Computing $\operatorname{KECCAK-}p[1600,24]$ is just as in standard $\operatorname{SHA3}$. However implementations of $\operatorname{SHA3}$ and $\operatorname{SHAKE}$ usually do not give access to this function, much less support bit-sized messages. Adding that capability requires messing up with the internals of a library. I don't see how that could be done cleanly on top of OpenSSL libraries, as attempted by the question's code.
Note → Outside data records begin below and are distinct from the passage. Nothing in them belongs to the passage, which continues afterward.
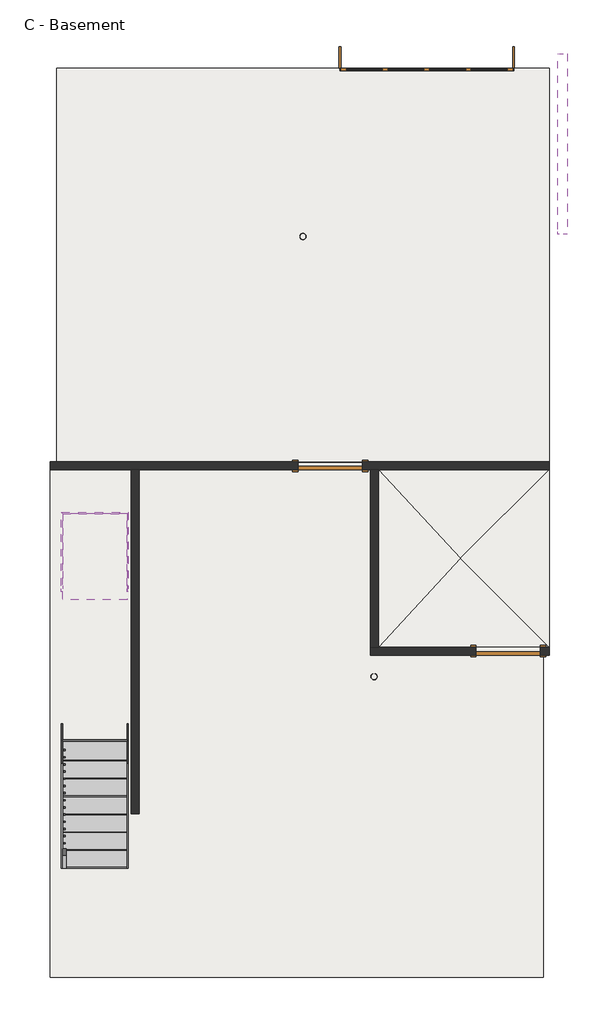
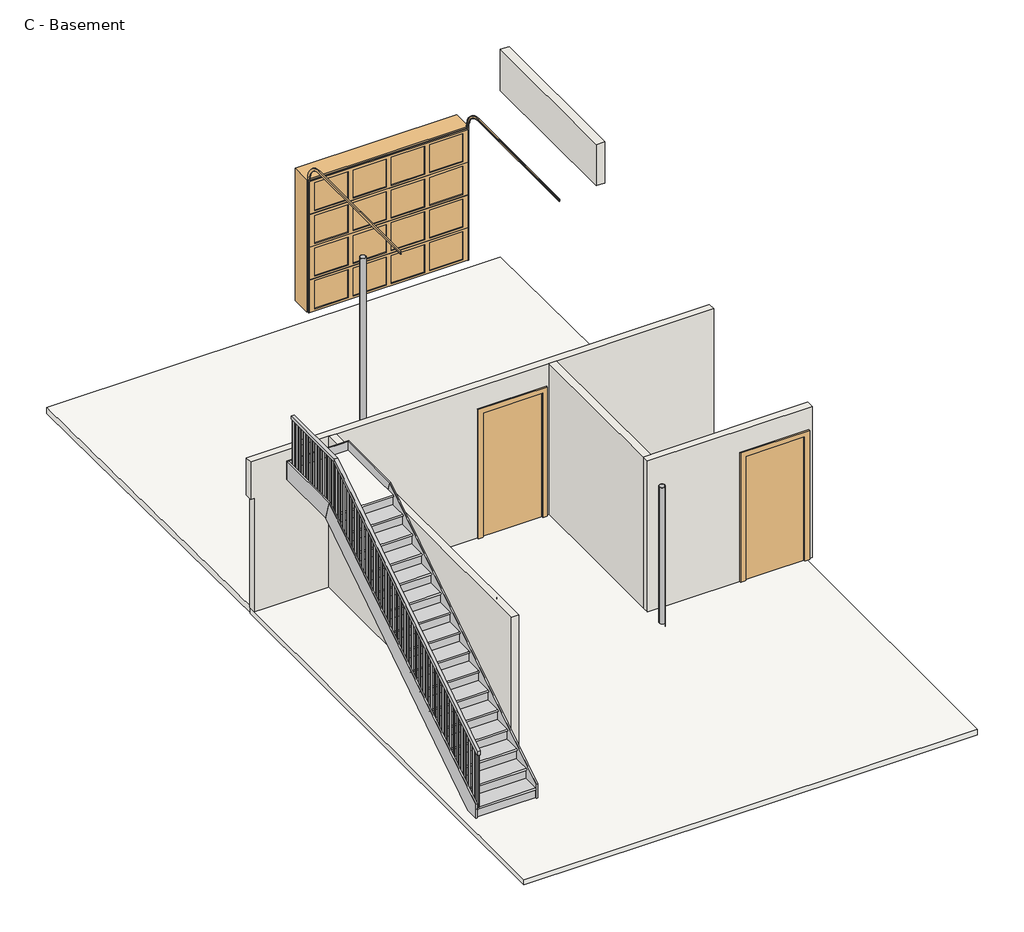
# One storey: 6 columns, 5 members, 5 walls, 4 doors, 4 slabs, 1 railing, 1 stair flight.
"""IFC4 building model written with IfcOpenShell, lengths in millimetres."""

from ifc_helpers import new_model, si_unit, frame, origin, place, context, project, spatial, polyline, outline, extrude, faceted_brep, transform, mapped, element, save
from components import pipe_column_pipe3std_a92b58e9, pipe_column_pipe3std_b7f71c59, pipe_column_pipe3std_d86ad78e, pipe_column_pipe3std_0c963f21, door_7a04b6f2, door_5e62189b, non_monolithic_landing_573beeaf, stair_flight_8d90cf4d

model = new_model("IFC4")

# Units and contexts
model_context = context("Model", 3, world=origin())
ifc_project = project(units=[si_unit("LENGTHUNIT", "METRE", prefix="MILLI")], contexts=[model_context])

# Site, building, storey
site = spatial("IfcSite", under=ifc_project)
building = spatial("IfcBuilding", under=site)
storey = spatial("IfcBuildingStorey", under=building, Name="C - Basement", Elevation=-1568.45)

# Columns
placement = place(None, origin())
pipe_column_pipe3std_shape = pipe_column_pipe3std_a92b58e9(model_context)
element("IfcColumn", 1, ObjectType="Pipe-Column : Pipe3STD", at=placement, inside=storey, context=model_context, shape_type="MappedRepresentation", body=[
    mapped(pipe_column_pipe3std_shape, transform((7980.8370514, -2782.5289462, 0.0), x_axis=(1.0, 0.0, 0.0), y_axis=(0.0, 1.0, 0.0), z_axis=(0.0, 0.0, 1.0))),
])
element("IfcColumn", 2, ObjectType="Pipe-Column : Pipe3STD", at=placement, inside=storey, context=model_context, shape_type="MappedRepresentation", body=[
    mapped(pipe_column_pipe3std_shape, transform((4589.9370514, -2782.5289462, 0.0), x_axis=(1.0, 0.0, 0.0), y_axis=(0.0, 1.0, 0.0), z_axis=(0.0, 0.0, 1.0))),
])
pipe_column_pipe3std_2_shape = pipe_column_pipe3std_b7f71c59(model_context)
element("IfcColumn", 3, ObjectType="Pipe-Column : Pipe3STD", at=placement, inside=storey, context=model_context, shape_type="MappedRepresentation", body=[
    mapped(pipe_column_pipe3std_2_shape, transform((4589.9370514, -4154.1289462, 0.0), x_axis=(1.0, 0.0, 0.0), y_axis=(0.0, 1.0, 0.0), z_axis=(0.0, 0.0, 1.0))),
])
pipe_column_pipe3std_3_shape = pipe_column_pipe3std_d86ad78e(model_context)
element("IfcColumn", 4, ObjectType="Pipe-Column : Pipe3STD", at=placement, inside=storey, context=model_context, shape_type="MappedRepresentation", body=[
    mapped(pipe_column_pipe3std_3_shape, transform((4589.9370514, 201.9710538, 0.0), x_axis=(1.0, 0.0, 0.0), y_axis=(0.0, 1.0, 0.0), z_axis=(0.0, 0.0, 1.0))),
])
element("IfcColumn", 5, ObjectType="Pipe-Column : Pipe3STD", at=placement, inside=storey, context=model_context, shape_type="MappedRepresentation", body=[
    mapped(pipe_column_pipe3std_3_shape, transform((7980.8370514, 201.9710538, 0.0), x_axis=(1.0, 0.0, 0.0), y_axis=(0.0, 1.0, 0.0), z_axis=(0.0, 0.0, 1.0))),
])
pipe_column_pipe3std_4_shape = pipe_column_pipe3std_0c963f21(model_context)
element("IfcColumn", 6, ObjectType="Pipe-Column : Pipe3STD", at=placement, inside=storey, context=model_context, shape_type="MappedRepresentation", body=[
    mapped(pipe_column_pipe3std_4_shape, transform((6971.1870514, 3462.6960538, 0.0), x_axis=(1.0, 0.0, 0.0), y_axis=(0.0, 1.0, 0.0), z_axis=(0.0, 0.0, 1.0))),
])

# Doors
door_shape = door_7a04b6f2(model_context)
element("IfcDoor", 7, ObjectType="Door-Garage-Embossed_Panel : 96\" x 84\"", at=placement, inside=storey, context=model_context, shape_type="MappedRepresentation", body=[
    mapped(door_shape, transform((8730.1370514, 6009.0460538, -1568.45), x_axis=(1.0, 0.0, 0.0), y_axis=(0.0, 1.0, 0.0), z_axis=(0.0, 0.0, 1.0))),
])
element("IfcDoor", 8, ObjectType="Door-Garage-Embossed_Panel : 96\" x 84\"", at=placement, inside=storey, context=model_context, shape_type="MappedRepresentation", body=[
    mapped(door_shape, transform((8730.1370514, 6009.0460538, -1568.45), x_axis=(1.0, 0.0, 0.0), y_axis=(0.0, 1.0, 0.0), z_axis=(0.0, 0.0, 1.0))),
])
door_2_shape = door_5e62189b(model_context)
element("IfcDoor", 9, ObjectType="Single-Flush : 36\" x 80\"", at=placement, inside=storey, context=model_context, shape_type="MappedRepresentation", body=[
    mapped(door_2_shape, transform((7358.5370514, 208.3210538, -1568.45), x_axis=(1.0, 0.0, 0.0), y_axis=(0.0, 1.0, 0.0), z_axis=(0.0, 0.0, 1.0))),
])
element("IfcDoor", 10, ObjectType="Single-Flush : 36\" x 80\"", at=placement, inside=storey, context=model_context, shape_type="MappedRepresentation", body=[
    mapped(door_2_shape, transform((9885.8370514, -2420.5789462, -1568.45), x_axis=(1.0, 0.0, 0.0), y_axis=(0.0, 1.0, 0.0), z_axis=(0.0, 0.0, 1.0))),
])

# Members
element("IfcMember", 11, ObjectType="Stringer - Paint - 3/4\" Width", at=placement, inside=storey, context=model_context, shape_type="SweptSolid", body=[
    extrude(outline(polyline([(-5500.3289462, -1568.45), (-5500.3289462, -1335.0832083), (-1580.7789382, 1206.5), (-1490.6062153, 901.7), (-5299.9941671, -1568.45), (-5500.3289462, -1568.45)])), frame((3539.0120514, 0.0, 0.0), z_axis=(1.0, 0.0, 0.0), x_axis=(0.0, 1.0, 0.0)), (0.0, 0.0, 1.0), 19.05),
])
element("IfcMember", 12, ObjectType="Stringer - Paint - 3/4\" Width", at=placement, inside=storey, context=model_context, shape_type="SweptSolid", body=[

I wrote code (source that can be run online) for SHA3-224, SHA3-256, SHA3-384 and SHA3-512, with bit-sized message support. Here is the interface:
// Compute SHA3-<ol>, return 0 iff OK, 1 iff parameter error
// Supports message size in bit (if il%8!=0, only the low il%8 bits of the last byte are hashed)
int sha3(
uint8_t* op, int ol, // output, and it's length in bits among 224, 256, 384, 512
const uint8_t* ip, int64_t il // input, and it's length in bits
)
The single function is ~90 lines of portable C code, half of which for the Keccak permutation. It's optimized for concision, except a permutation round is unrolled to keep it fast. There's test code for 7 example messages for each of the 4 hashes, including the messages linked in the question, similar messages by NIST, and the message in comment in the question's code. Results match the 25 Known Answer Tests in these NIST references and the question.